**INFORMATION GIVEN:**
<<<<

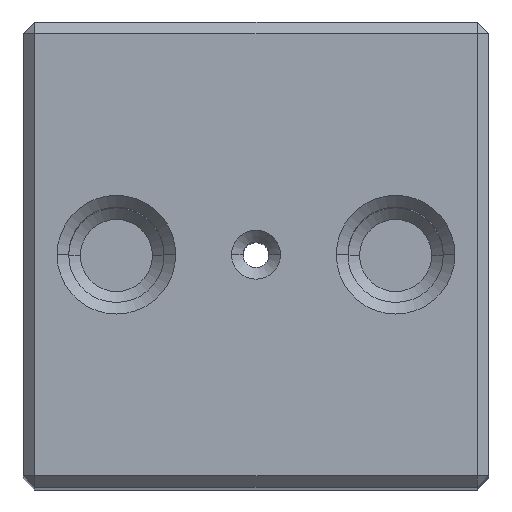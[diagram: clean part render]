
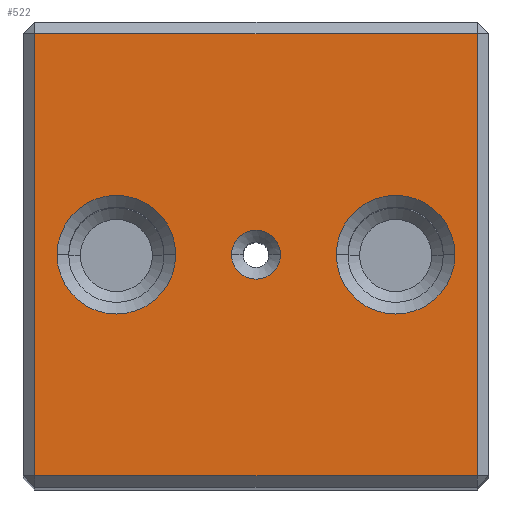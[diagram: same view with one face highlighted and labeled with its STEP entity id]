
A CAD part, top view. The second image highlights one B-rep face of the part: STEP entity #522.
In plain terms, the highlighted planar face has unit normal (0, 0, 1).
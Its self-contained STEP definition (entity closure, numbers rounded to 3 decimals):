
#6 = ORIENTED_EDGE ( 'NONE', *, *, #259, .T. ) ;
#10 = ORIENTED_EDGE ( 'NONE', *, *, #587, .T. ) ;
#15 = CIRCLE ( 'NONE', #1042, 2.55 ) ;
#32 = LINE ( 'NONE', #262, #1054 ) ;
#35 = CARTESIAN_POINT ( 'NONE',  ( -6., 0., 0. ) ) ;
#41 = DIRECTION ( 'NONE',  ( 1., 0., 0. ) ) ;
#78 = VERTEX_POINT ( 'NONE', #285 ) ;
#121 = FACE_OUTER_BOUND ( 'NONE', #1183, .T. ) ;
#126 = DIRECTION ( 'NONE',  ( 0., 0., -1. ) ) ;
#135 = CARTESIAN_POINT ( 'NONE',  ( 6., 0., 0. ) ) ;
#143 = ORIENTED_EDGE ( 'NONE', *, *, #453, .T. ) ;
#144 = DIRECTION ( 'NONE',  ( 0., 0., -1. ) ) ;
#151 = ORIENTED_EDGE ( 'NONE', *, *, #526, .T. ) ;
#186 = CARTESIAN_POINT ( 'NONE',  ( 1.05, 0., 0. ) ) ;
#208 = CARTESIAN_POINT ( 'NONE',  ( 9.5, 9.5, 0. ) ) ;
#235 = VERTEX_POINT ( 'NONE', #641 ) ;
#259 = EDGE_CURVE ( 'NONE', #780, #331, #15, .T. ) ;
#262 = CARTESIAN_POINT ( 'NONE',  ( 0., 9.5, 0. ) ) ;
#269 = LINE ( 'NONE', #488, #850 ) ;
#274 = DIRECTION ( 'NONE',  ( 0., 1., 0. ) ) ;
#283 = EDGE_CURVE ( 'NONE', #557, #1107, #32, .T. ) ;
#285 = CARTESIAN_POINT ( 'NONE',  ( 9.5, -9.5, 0. ) ) ;
#286 = DIRECTION ( 'NONE',  ( 0., 0., -1. ) ) ;
#320 = VECTOR ( 'NONE', #506, 1000. ) ;
#331 = VERTEX_POINT ( 'NONE', #361 ) ;
#343 = CARTESIAN_POINT ( 'NONE',  ( -6., 0., 0. ) ) ;
#361 = CARTESIAN_POINT ( 'NONE',  ( -3.45, 0., 0. ) ) ;
#379 = VERTEX_POINT ( 'NONE', #870 ) ;
#397 = CARTESIAN_POINT ( 'NONE',  ( 0., -9.5, 0. ) ) ;
#416 = FACE_BOUND ( 'NONE', #783, .T. ) ;
#424 = CARTESIAN_POINT ( 'NONE',  ( 0., 0., 0. ) ) ;
#426 = EDGE_CURVE ( 'NONE', #1107, #235, #950, .T. ) ;
#444 = DIRECTION ( 'NONE',  ( 1., 0., 0. ) ) ;
#449 = FACE_BOUND ( 'NONE', #670, .T. ) ;
#453 = EDGE_CURVE ( 'NONE', #900, #379, #695, .T. ) ;
#474 = CIRCLE ( 'NONE', #1136, 2.55 ) ;
#477 = EDGE_CURVE ( 'NONE', #331, #780, #899, .T. ) ;
#488 = CARTESIAN_POINT ( 'NONE',  ( 9.5, 0., 0. ) ) ;
#506 = DIRECTION ( 'NONE',  ( 0., -1., 0. ) ) ;
#522 = ADVANCED_FACE ( 'NONE', ( #121, #449, #416, #1079 ), #813, .T. ) ;
#526 = EDGE_CURVE ( 'NONE', #379, #900, #1056, .T. ) ;
#527 = DIRECTION ( 'NONE',  ( 0., 0., -1. ) ) ;
#532 = CARTESIAN_POINT ( 'NONE',  ( 0., 0., 0. ) ) ;
#546 = EDGE_CURVE ( 'NONE', #1015, #1203, #1249, .T. ) ;
#552 = EDGE_LOOP ( 'NONE', ( #10, #1149 ) ) ;
#557 = VERTEX_POINT ( 'NONE', #208 ) ;
#587 = EDGE_CURVE ( 'NONE', #1203, #1015, #474, .T. ) ;
#605 = ORIENTED_EDGE ( 'NONE', *, *, #863, .T. ) ;
#619 = DIRECTION ( 'NONE',  ( 0., 0., -1. ) ) ;
#633 = CARTESIAN_POINT ( 'NONE',  ( -9.5, 9.5, 0. ) ) ;
#636 = DIRECTION ( 'NONE',  ( 1., 0., 0. ) ) ;
#641 = CARTESIAN_POINT ( 'NONE',  ( -9.5, -9.5, 0. ) ) ;
#670 = EDGE_LOOP ( 'NONE', ( #143, #151 ) ) ;
#676 = CARTESIAN_POINT ( 'NONE',  ( -8.55, 0., 0. ) ) ;
#695 = CIRCLE ( 'NONE', #1208, 1.05 ) ;
#700 = CARTESIAN_POINT ( 'NONE',  ( 3.45, 0., 0. ) ) ;
#710 = AXIS2_PLACEMENT_3D ( 'NONE', #532, #619, #717 ) ;
#717 = DIRECTION ( 'NONE',  ( 1., 0., 0. ) ) ;
#736 = CARTESIAN_POINT ( 'NONE',  ( 8.55, 0., 0. ) ) ;
#751 = DIRECTION ( 'NONE',  ( 1., 0., 0. ) ) ;
#780 = VERTEX_POINT ( 'NONE', #676 ) ;
#783 = EDGE_LOOP ( 'NONE', ( #1028, #6 ) ) ;
#808 = CARTESIAN_POINT ( 'NONE',  ( 0., 0., 0. ) ) ;
#813 = PLANE ( 'NONE',  #967 ) ;
#822 = VECTOR ( 'NONE', #1014, 1000. ) ;
#826 = DIRECTION ( 'NONE',  ( 1., 0., 0. ) ) ;
#846 = CARTESIAN_POINT ( 'NONE',  ( 6., 0., 0. ) ) ;
#850 = VECTOR ( 'NONE', #274, 1000. ) ;
#863 = EDGE_CURVE ( 'NONE', #78, #557, #269, .T. ) ;
#870 = CARTESIAN_POINT ( 'NONE',  ( -1.05, 0., 0. ) ) ;
#877 = ORIENTED_EDGE ( 'NONE', *, *, #426, .T. ) ;
#893 = CARTESIAN_POINT ( 'NONE',  ( -9.5, 0., 0. ) ) ;
#899 = CIRCLE ( 'NONE', #1119, 2.55 ) ;
#900 = VERTEX_POINT ( 'NONE', #186 ) ;
#946 = ORIENTED_EDGE ( 'NONE', *, *, #283, .T. ) ;
#950 = LINE ( 'NONE', #893, #320 ) ;
#954 = DIRECTION ( 'NONE',  ( 0., 0., -1. ) ) ;
#967 = AXIS2_PLACEMENT_3D ( 'NONE', #424, #1213, #41 ) ;
#977 = EDGE_CURVE ( 'NONE', #235, #78, #978, .T. ) ;
#978 = LINE ( 'NONE', #397, #822 ) ;
#998 = DIRECTION ( 'NONE',  ( 1., 0., 0. ) ) ;
#1014 = DIRECTION ( 'NONE',  ( 1., 0., 0. ) ) ;
#1015 = VERTEX_POINT ( 'NONE', #700 ) ;
#1028 = ORIENTED_EDGE ( 'NONE', *, *, #477, .T. ) ;
#1032 = ORIENTED_EDGE ( 'NONE', *, *, #977, .T. ) ;
#1042 = AXIS2_PLACEMENT_3D ( 'NONE', #343, #954, #751 ) ;
#1054 = VECTOR ( 'NONE', #1121, 1000. ) ;
#1056 = CIRCLE ( 'NONE', #710, 1.05 ) ;
#1079 = FACE_BOUND ( 'NONE', #552, .T. ) ;
#1107 = VERTEX_POINT ( 'NONE', #633 ) ;
#1119 = AXIS2_PLACEMENT_3D ( 'NONE', #35, #527, #636 ) ;
#1121 = DIRECTION ( 'NONE',  ( -1., 0., 0. ) ) ;
#1136 = AXIS2_PLACEMENT_3D ( 'NONE', #846, #144, #444 ) ;
#1149 = ORIENTED_EDGE ( 'NONE', *, *, #546, .T. ) ;
#1183 = EDGE_LOOP ( 'NONE', ( #605, #946, #877, #1032 ) ) ;
#1203 = VERTEX_POINT ( 'NONE', #736 ) ;
#1208 = AXIS2_PLACEMENT_3D ( 'NONE', #808, #286, #998 ) ;
#1213 = DIRECTION ( 'NONE',  ( 0., 0., 1. ) ) ;
#1227 = AXIS2_PLACEMENT_3D ( 'NONE', #135, #126, #826 ) ;
#1249 = CIRCLE ( 'NONE', #1227, 2.55 ) ;
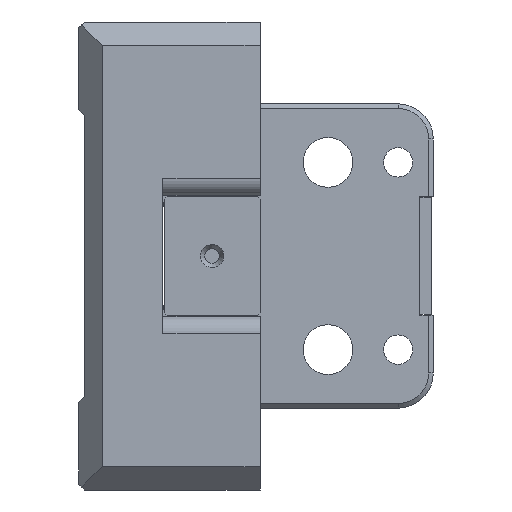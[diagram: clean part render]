
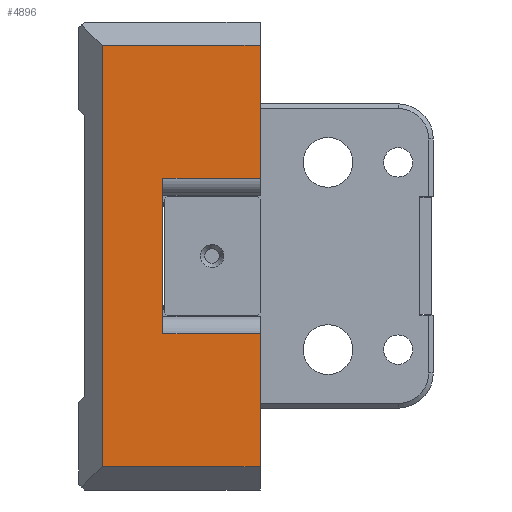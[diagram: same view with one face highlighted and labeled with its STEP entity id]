
A CAD part, left-side view. The second image highlights one B-rep face of the part: STEP entity #4896.
In plain terms, the highlighted planar face has unit normal (-1, 0, 0).
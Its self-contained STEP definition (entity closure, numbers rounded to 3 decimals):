
#10 = LINE ( 'NONE', #2484, #972 ) ;
#97 = EDGE_CURVE ( 'NONE', #3234, #3159, #1275, .T. ) ;
#181 = DIRECTION ( 'NONE',  ( 0., -1., 0. ) ) ;
#229 = LINE ( 'NONE', #1306, #2391 ) ;
#240 = VERTEX_POINT ( 'NONE', #3849 ) ;
#292 = DIRECTION ( 'NONE',  ( 0., -1., 0. ) ) ;
#307 = LINE ( 'NONE', #3640, #1013 ) ;
#311 = VECTOR ( 'NONE', #292, 1000. ) ;
#339 = CARTESIAN_POINT ( 'NONE',  ( -200., -31., -13.3 ) ) ;
#495 = DIRECTION ( 'NONE',  ( 0., 0., 1. ) ) ;
#559 = EDGE_CURVE ( 'NONE', #1500, #3159, #1819, .T. ) ;
#585 = ORIENTED_EDGE ( 'NONE', *, *, #3272, .F. ) ;
#633 = CARTESIAN_POINT ( 'NONE',  ( -200., -4., 36. ) ) ;
#640 = VERTEX_POINT ( 'NONE', #1195 ) ;
#797 = FACE_OUTER_BOUND ( 'NONE', #1134, .T. ) ;
#806 = ORIENTED_EDGE ( 'NONE', *, *, #2075, .T. ) ;
#895 = DIRECTION ( 'NONE',  ( 0., 1., 0. ) ) ;
#937 = DIRECTION ( 'NONE',  ( 0., 0., 1. ) ) ;
#972 = VECTOR ( 'NONE', #937, 1000. ) ;
#1013 = VECTOR ( 'NONE', #2853, 1000. ) ;
#1072 = VERTEX_POINT ( 'NONE', #633 ) ;
#1134 = EDGE_LOOP ( 'NONE', ( #2991, #1842, #4786, #5038, #585, #806, #4695, #4843 ) ) ;
#1153 = LINE ( 'NONE', #1415, #3163 ) ;
#1195 = CARTESIAN_POINT ( 'NONE',  ( -200., -14.4, 13.3 ) ) ;
#1275 = LINE ( 'NONE', #2716, #311 ) ;
#1289 = PLANE ( 'NONE',  #3887 ) ;
#1306 = CARTESIAN_POINT ( 'NONE',  ( -200., -31., 36. ) ) ;
#1381 = DIRECTION ( 'NONE',  ( 0., -1., 0. ) ) ;
#1415 = CARTESIAN_POINT ( 'NONE',  ( -200., -14.4, 13.3 ) ) ;
#1416 = LINE ( 'NONE', #4581, #4359 ) ;
#1500 = VERTEX_POINT ( 'NONE', #2549 ) ;
#1627 = CARTESIAN_POINT ( 'NONE',  ( -200., -14.4, -13.3 ) ) ;
#1819 = LINE ( 'NONE', #3402, #3802 ) ;
#1842 = ORIENTED_EDGE ( 'NONE', *, *, #2036, .T. ) ;
#1919 = VERTEX_POINT ( 'NONE', #2909 ) ;
#2036 = EDGE_CURVE ( 'NONE', #1919, #1500, #1416, .T. ) ;
#2075 = EDGE_CURVE ( 'NONE', #640, #240, #1153, .T. ) ;
#2099 = CARTESIAN_POINT ( 'NONE',  ( -200., -31., -40. ) ) ;
#2102 = EDGE_CURVE ( 'NONE', #1072, #1919, #4104, .T. ) ;
#2211 = DIRECTION ( 'NONE',  ( 0., 0., 1. ) ) ;
#2344 = EDGE_CURVE ( 'NONE', #240, #4655, #10, .T. ) ;
#2391 = VECTOR ( 'NONE', #895, 1000. ) ;
#2484 = CARTESIAN_POINT ( 'NONE',  ( -200., -31., -40. ) ) ;
#2549 = CARTESIAN_POINT ( 'NONE',  ( -200., -31., -36. ) ) ;
#2716 = CARTESIAN_POINT ( 'NONE',  ( -200., -14.4, -13.3 ) ) ;
#2853 = DIRECTION ( 'NONE',  ( 0., 0., -1. ) ) ;
#2903 = DIRECTION ( 'NONE',  ( -1., 0., 0. ) ) ;
#2909 = CARTESIAN_POINT ( 'NONE',  ( -200., -4., -36. ) ) ;
#2991 = ORIENTED_EDGE ( 'NONE', *, *, #2102, .T. ) ;
#3039 = CARTESIAN_POINT ( 'NONE',  ( -200., -4., -40. ) ) ;
#3159 = VERTEX_POINT ( 'NONE', #339 ) ;
#3163 = VECTOR ( 'NONE', #181, 1000. ) ;
#3234 = VERTEX_POINT ( 'NONE', #1627 ) ;
#3272 = EDGE_CURVE ( 'NONE', #640, #3234, #307, .T. ) ;
#3402 = CARTESIAN_POINT ( 'NONE',  ( -200., -31., -40. ) ) ;
#3429 = DIRECTION ( 'NONE',  ( 0., 0., -1. ) ) ;
#3640 = CARTESIAN_POINT ( 'NONE',  ( -200., -14.4, -13.3 ) ) ;
#3802 = VECTOR ( 'NONE', #2211, 1000. ) ;
#3849 = CARTESIAN_POINT ( 'NONE',  ( -200., -31., 13.3 ) ) ;
#3887 = AXIS2_PLACEMENT_3D ( 'NONE', #2099, #2903, #495 ) ;
#4104 = LINE ( 'NONE', #3039, #5046 ) ;
#4359 = VECTOR ( 'NONE', #1381, 1000. ) ;
#4388 = EDGE_CURVE ( 'NONE', #4655, #1072, #229, .T. ) ;
#4581 = CARTESIAN_POINT ( 'NONE',  ( -200., -31., -36. ) ) ;
#4655 = VERTEX_POINT ( 'NONE', #4689 ) ;
#4689 = CARTESIAN_POINT ( 'NONE',  ( -200., -31., 36. ) ) ;
#4695 = ORIENTED_EDGE ( 'NONE', *, *, #2344, .T. ) ;
#4786 = ORIENTED_EDGE ( 'NONE', *, *, #559, .T. ) ;
#4843 = ORIENTED_EDGE ( 'NONE', *, *, #4388, .T. ) ;
#4896 = ADVANCED_FACE ( 'NONE', ( #797 ), #1289, .T. ) ;
#5038 = ORIENTED_EDGE ( 'NONE', *, *, #97, .F. ) ;
#5046 = VECTOR ( 'NONE', #3429, 1000. ) ;
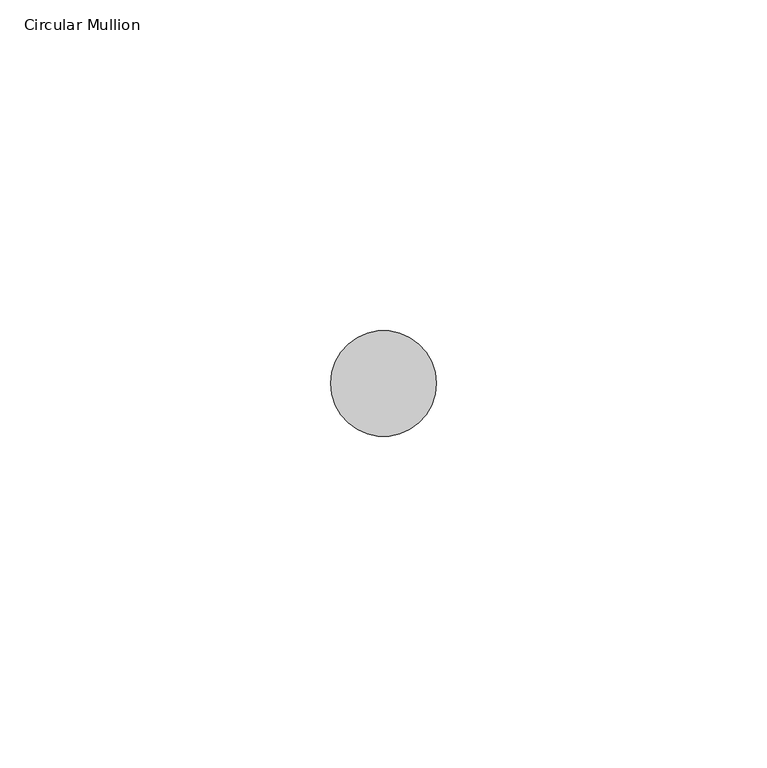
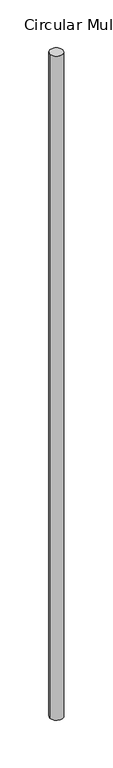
"""IFC4 building model written with IfcOpenShell, lengths in millimetres: member geometry, Circular Mullion : ARQ_HERR_16mm."""

from ifc_helpers import new_model, si_unit, point, frame, origin, origin_2d, place, context, project, spatial, circle_curve, trimmed, segment, composite_curve, outline, extrude, source, transform, mapped, element, save


def circular_mullion_d5be03f1(model_context):
    return source(origin(), model_context, "Body", "SweptSolid", [
        extrude(outline(composite_curve([segment(trimmed(circle_curve(origin_2d(), 8.0), [point((8.0, 0.0))], [point((-8.0, 0.0))], False, "CARTESIAN"), True, "CONTINUOUS"), segment(trimmed(circle_curve(origin_2d(), 8.0), [point((-8.0, 0.0))], [point((8.0, 0.0))], False, "CARTESIAN"), True, "CONTINUOUS")], self_intersect=False)), frame((0.0, 0.0, -876.0), z_axis=(0.0, 0.0, 1.0), x_axis=(1.0, 0.0, 0.0)), (0.0, 0.0, 1.0), 876.0),
    ])


if __name__ == "__main__":
    model = new_model("IFC4")
    model_context = context("Model", 3, world=origin())
    ifc_project = project(units=[si_unit("LENGTHUNIT", "METRE", prefix="MILLI")], contexts=[model_context])
    site = spatial("IfcSite", under=ifc_project)
    building = spatial("IfcBuilding", under=site)
    placement = place(None, origin())
    circular_mullion_shape = circular_mullion_d5be03f1(model_context)
    element("IfcMember", 1, ObjectType="Circular Mullion : ARQ_HERR_16mm", at=placement, inside=building, context=model_context, shape_type="MappedRepresentation", body=[
        mapped(circular_mullion_shape, transform((0.0, 0.0, 0.0), x_axis=(1.0, 0.0, 0.0), y_axis=(0.0, 1.0, 0.0), z_axis=(0.0, 0.0, 1.0))),
    ])
    save(model, "model.ifc")

>>>>

**TASK PROMPT:** Where the line holding "#151 = ORIENTED_EDGE" appears in the listing above, start reproducing exactly, and end with the line holding "#331 = VERTEX_POINT ( 'NONE', #361 ) ;".

**SOLUTION FOR THIS TASK:**
#151 = ORIENTED_EDGE ( 'NONE', *, *, #526, .T. ) ;
#186 = CARTESIAN_POINT ( 'NONE',  ( 1.05, 0., 0. ) ) ;
#208 = CARTESIAN_POINT ( 'NONE',  ( 9.5, 9.5, 0. ) ) ;
#235 = VERTEX_POINT ( 'NONE', #641 ) ;
#259 = EDGE_CURVE ( 'NONE', #780, #331, #15, .T. ) ;
#262 = CARTESIAN_POINT ( 'NONE',  ( 0., 9.5, 0. ) ) ;
#269 = LINE ( 'NONE', #488, #850 ) ;
#274 = DIRECTION ( 'NONE',  ( 0., 1., 0. ) ) ;
#283 = EDGE_CURVE ( 'NONE', #557, #1107, #32, .T. ) ;
#285 = CARTESIAN_POINT ( 'NONE',  ( 9.5, -9.5, 0. ) ) ;
#286 = DIRECTION ( 'NONE',  ( 0., 0., -1. ) ) ;
#320 = VECTOR ( 'NONE', #506, 1000. ) ;
#331 = VERTEX_POINT ( 'NONE', #361 ) ;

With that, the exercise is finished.